Dans ses dernières écritures, M. X. ne critique pas le jugement de ce chef et ne vise plus l’article L.650-1 du code de commerce mais invoque la responsabilité de la société Yamaha à raison de pratiques discriminatoires tombant sous le coup des articles L. 420-1 et L. 442-16 du code de commerce.
Cependant, il n'apparaît pas que le cumul de cautions serait discriminatoire au sens des articles précités de sorte que la responsabilité de la société Yamaha ne peut être mise en œuvre sur ce fondement.
Le moyen, rejeté par les premiers juges, pris de la disproportion du cautionnement aux biens et revenus de la caution, n'est pas réitéré en cause d'appel.
Il convient, en conséquence, de confirmer le jugement en ce qu'il a condamné M. X. à payer à la société Yamaha la somme de 45.735 euros outre intérêts capitalisés.

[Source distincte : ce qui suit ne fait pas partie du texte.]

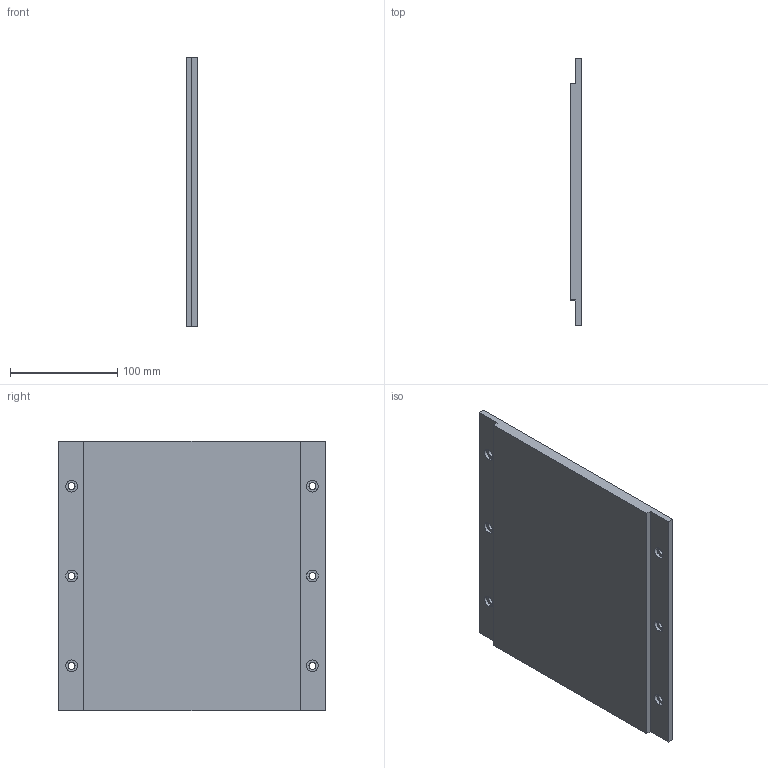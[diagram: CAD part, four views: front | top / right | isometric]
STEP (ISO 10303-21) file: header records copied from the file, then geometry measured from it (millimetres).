
FILE_DESCRIPTION (( 'STEP AP214' ), '1' );
FILE_NAME ('1-WKM200-252.STEP', '2025-09-05T12:15:53', ( '' ), ( '' ), 'SwSTEP 2.0', 'SolidWorks 2016', '' );
FILE_SCHEMA (( 'AUTOMOTIVE_DESIGN' ));
Length unit declared in the file: millimetre
Products named in the file (1): 1-WKM200-252
Bounding box: 10.8 x 250 x 252 mm (x, y, z)
Volume: 620412.4 mm3; surface area: 136983.2 mm2
Topology: 1 solids, 1 shells, 40 faces, 96 edges, 64 vertices
Faces by surface type: cylinder 24, plane 16
Entity records: 1246 total; most frequent: DIRECTION 226, CARTESIAN_POINT 201, ORIENTED_EDGE 192, EDGE_CURVE 96, AXIS2_PLACEMENT_3D 89, VERTEX_POINT 64, EDGE_LOOP 58, LINE 48

- Sur l’article 700 du code de procédure civile :
L'équité commande de confirmer les dispositions du jugement et, y ajoutant, de condamner M. X. à payer à la société Yamaha la somme de 2 000 euros pour ses frais exposés en appel.
Partie perdante, M. X. supportera les dépens sans pouvoir prétendre à l'indemnisation de ses propres frais.
DISPOSITIF (décision proprement dite) (N.B. : mention ne figurant pas sur l’original)
PAR CES MOTIFS :
Confirme le jugement en toutes ses dispositions,
Y ajoutant
Condamne M. X. à payer à la société Yamaha Motor la somme de 2.000 euros en application de l’article 700 du code de procédure civile.
Rejette toute autre demande,
Condamne M. X. aux dépens d'appel qui pourront être recouvrés conformément aux dispositions de l’article 699 du code de procédure civile.